Here’s what we found:
First: There’s a lot happening on a relatively small footprint. You still have the Tiki bar down the third-base line, along with terrace seating with picnic tables. A bar and a separate grill down the first-base line was filled with millennials and lot of tallboys, as the shade was very popular on an unseasonably hot day. Nothing says Florida like tallboys and packs of millennials chasing the shade.
Second: The outfield berm offers considerably more than it did in the past, with a newer seating area augmented with picnic tables, concessions and a new fence. Alas, one of the favorite things from the past at First Data Field is long gone: the “beware of alligators” sign in the outfield. Nothing says Florida like an alligator warning.
Third: The food is still pretty good at First Data Field. There’s a nice selection of beer – plenty of Modelo and Kirin tallboys, and it’s not hard to find Blue Point or Goose Island on tap if a Bud, Bud Light or Michelob Ultra isn’t to your liking. Specialty stands offer items like deli sandwiches and grilled soft pretzels. You can find ballpark staples at the main concessions stands, including a very good Nathan’s hot dog, burgers, chicken strips or a knish. Nothing says Florida spring training like a knish.

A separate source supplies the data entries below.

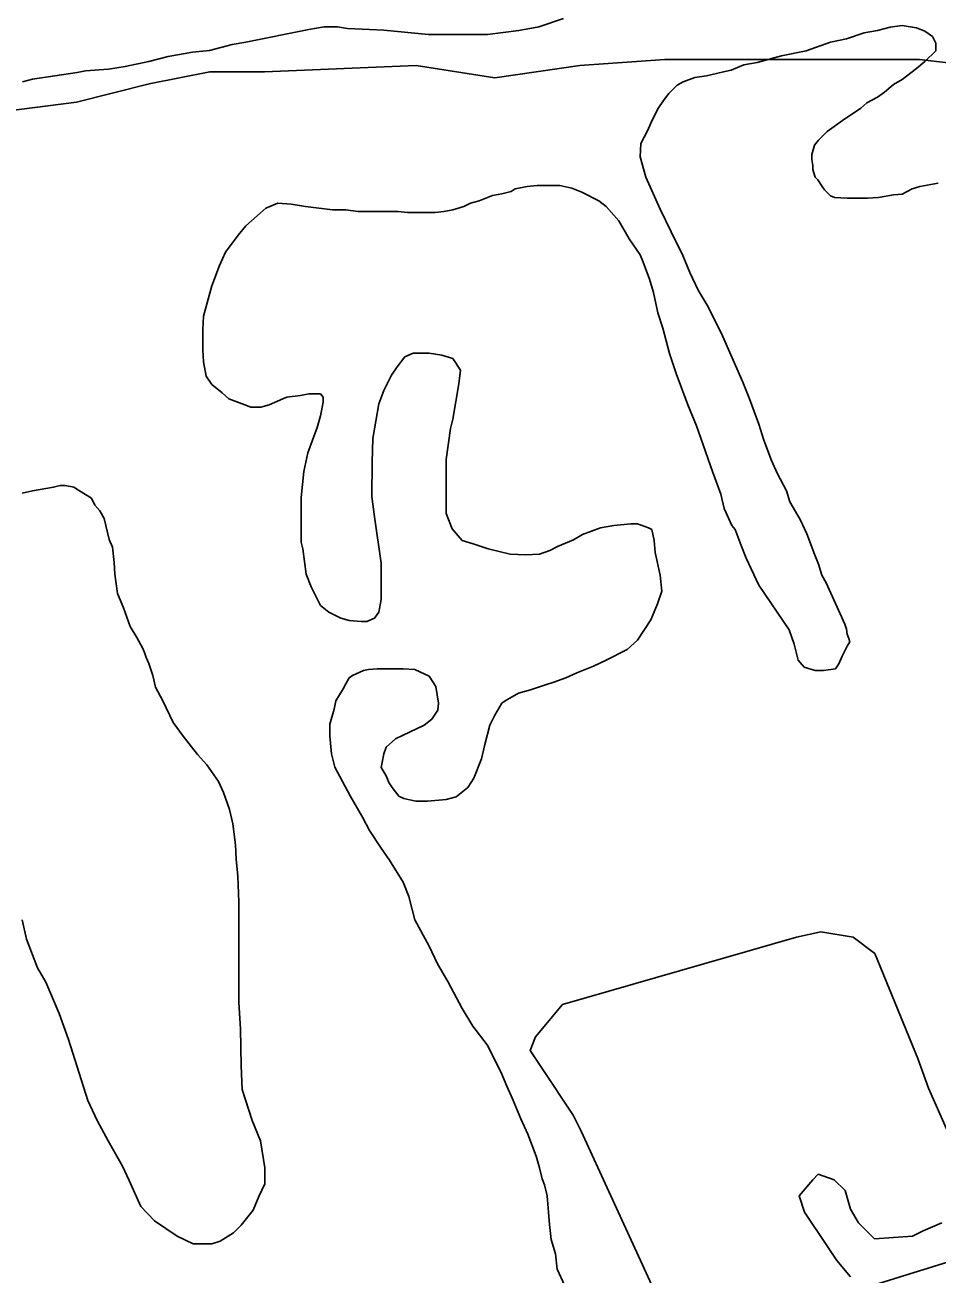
# Model space of a CAD drawing. Extents: x 3263578 to 3301413, y 764927 to 798602.
# Drawn here: x 3295519 to 3296058, y 791391 to 792129 of the extents above; entities that cross this region are included whole.
import ezdxf

# ---------------------------------------------------------------- set-up
doc = ezdxf.new("R2010")
doc.units = 0
doc.layers.add('V-SITE-VEGE', color=7, linetype='Continuous')
doc.layers.add('V-TOPO-SHOR', color=7, linetype='Continuous')

msp = doc.modelspace()

# ---------------------------------------------------------------- linework, layer by layer
at = {"layer": 'V-SITE-VEGE'}
for p, q in [((3295696.1, 792127.57), (3295687.14, 792126.07)), ((3295704.07, 792127.57), (3295696.1, 792127.57)), ((3295710.04, 792126.57), (3295704.07, 792127.57)), ((3295722.99, 792126.07), (3295710.04, 792126.57)), ((3295823.07, 792127.54), (3295811.12, 792125.55)), ((3295837.52, 792132.51), (3295823.07, 792127.54)), ((3296023.24, 792125.5), (3296030.71, 792127.49)), ((3296030.71, 792127.49), (3296037.68, 792128.49)), ((3296037.68, 792128.49), (3296046.15, 792126.99)), ((3296046.15, 792126.99), (3296051.13, 792125)), ((3295687.14, 792126.07), (3295649.79, 792118.61)), ((3295731.46, 792125.57), (3295722.99, 792126.07)), ((3295757.84, 792123.07), (3295731.46, 792125.57)), ((3295792.7, 792123.06), (3295757.84, 792123.07)), ((3295811.12, 792125.55), (3295792.7, 792123.06)), ((3295995.36, 792118.54), (3296004.82, 792120.53)), ((3296004.82, 792120.53), (3296015.28, 792124.01)), ((3296015.28, 792124.01), (3296023.24, 792125.5)), ((3296051.13, 792125), (3296055.61, 792122.01)), ((3296055.61, 792122.01), (3296057.6, 792118.02)), ((3295618.42, 792112.65), (3295603.98, 792110.16)), ((3295628.38, 792113.64), (3295618.42, 792112.65)), ((3295641.82, 792117.12), (3295628.38, 792113.64)), ((3295649.79, 792118.61), (3295641.82, 792117.12)), ((3295966.48, 792110.58), (3295980.92, 792113.56)), ((3295980.92, 792113.56), (3295995.36, 792118.54)), ((3296057.6, 792113.54), (3296051.12, 792107.07)), ((3296057.6, 792118.02), (3296057.6, 792113.54)), ((3295592.53, 792107.18), (3295578.58, 792104.19)), ((3295603.98, 792110.16), (3295592.53, 792107.18)), ((3295936.6, 792102.12), (3295944.07, 792105.1)), ((3295944.07, 792105.1), (3295952.04, 792106.6)), ((3295952.04, 792106.6), (3295966.48, 792110.58)), ((3296051.12, 792107.07), (3296046.15, 792103.09)), ((3295550.2, 792100.71), (3295523.81, 792096.73)), ((3295555.18, 792101.71), (3295550.2, 792100.71)), ((3295568.63, 792102.7), (3295555.18, 792101.71)), ((3295578.58, 792104.19), (3295568.63, 792102.7)), ((3295908.22, 792095.15), (3295915.19, 792097.64)), ((3295915.19, 792097.64), (3295922.16, 792098.64)), ((3295922.16, 792098.64), (3295932.12, 792101.12)), ((3295932.12, 792101.12), (3295936.6, 792102.12)), ((3296046.15, 792103.09), (3296037.68, 792096.62)), ((3295523.81, 792096.73), (3295517.83, 792095.24)), ((3295899.75, 792088.19), (3295904.73, 792093.16)), ((3295904.73, 792093.16), (3295908.22, 792095.15)), ((3296032.7, 792093.63), (3296027.22, 792089.15)), ((3296037.68, 792096.62), (3296032.7, 792093.63)), ((3295893.27, 792079.22), (3295896.76, 792084.2)), ((3295896.76, 792084.2), (3295899.75, 792088.19)), ((3296016.76, 792082.68), (3296013.27, 792079.69)), ((3296023.24, 792086.17), (3296016.76, 792082.68)), ((3296027.22, 792089.15), (3296023.24, 792086.17)), ((3295889.29, 792070.76), (3295893.27, 792079.22)), ((3296008.29, 792076.21), (3296003.81, 792073.22)), ((3296013.27, 792079.69), (3296008.29, 792076.21)), ((3295887.3, 792066.28), (3295889.29, 792070.76)), ((3296003.81, 792073.22), (3295993.35, 792065.76)), ((3295883.31, 792058.81), (3295887.3, 792066.28)), ((3295988.38, 792060.78), (3295985.88, 792057.79)), ((3295993.35, 792065.76), (3295988.38, 792060.78)), ((3295882.81, 792050.84), (3295883.31, 792058.81)), ((3295985.88, 792057.79), (3295984.39, 792052.31)), ((3295886.29, 792038.89), (3295882.81, 792050.84)), ((3295984.39, 792052.31), (3295984.39, 792049.33)), ((3295984.39, 792049.33), (3295984.89, 792045.84)), ((3295984.89, 792045.84), (3295984.89, 792043.35)), ((3295894.75, 792019.97), (3295886.29, 792038.89)), ((3295984.89, 792043.35), (3295986.38, 792038.87)), ((3295986.38, 792038.87), (3295987.87, 792037.37)), ((3295806.62, 792030.45), (3295809.11, 792031.94)), ((3295809.11, 792031.94), (3295816.08, 792033.43)), ((3295816.08, 792033.43), (3295822.06, 792033.93)), ((3295822.06, 792033.93), (3295835.5, 792033.92)), ((3295835.5, 792033.92), (3295842.47, 792032.43)), ((3295842.47, 792032.43), (3295848.45, 792029.94)), ((3295987.87, 792037.37), (3295990.36, 792033.39)), ((3295990.36, 792033.39), (3295991.85, 792031.4)), ((3295991.85, 792031.4), (3295995.34, 792027.91)), ((3296037.66, 792028.9), (3296043.64, 792031.89)), ((3296043.64, 792031.89), (3296048.12, 792033.38)), ((3296048.12, 792033.38), (3296059.08, 792035.37)), ((3295661.72, 792020.52), (3295668.69, 792023.5)), ((3295668.69, 792023.5), (3295676.66, 792023.01)), ((3295778.73, 792021.49), (3295782.72, 792023.48)), ((3295782.72, 792023.48), (3295787.7, 792024.97)), ((3295787.7, 792024.97), (3295795.67, 792027.96)), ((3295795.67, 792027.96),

Fourth: Spring-training fans tend to be passionate about their favorite teams, but Mets fans in Port St. Lucie really, really love their Mets. We were there for a home game in early March, at that time in spring training when most regulars are on the bench and the starters are out by the fifth. But that doesn’t diminish the love from the crowd: when Yoenis Céspedes homered, he received not only a standing ovation, he received an enthusiastic standing ovation. For a long homer that is meaningless in the long run. It was an impressive show of gusto and love, and moments like that make spring training memorable. Nothing says Florida spring training like Mets fans in Port St. Lucie loudly cheering for their heroes. And nothing says Florida spring training more than a Mets home game in Port St. Lucie.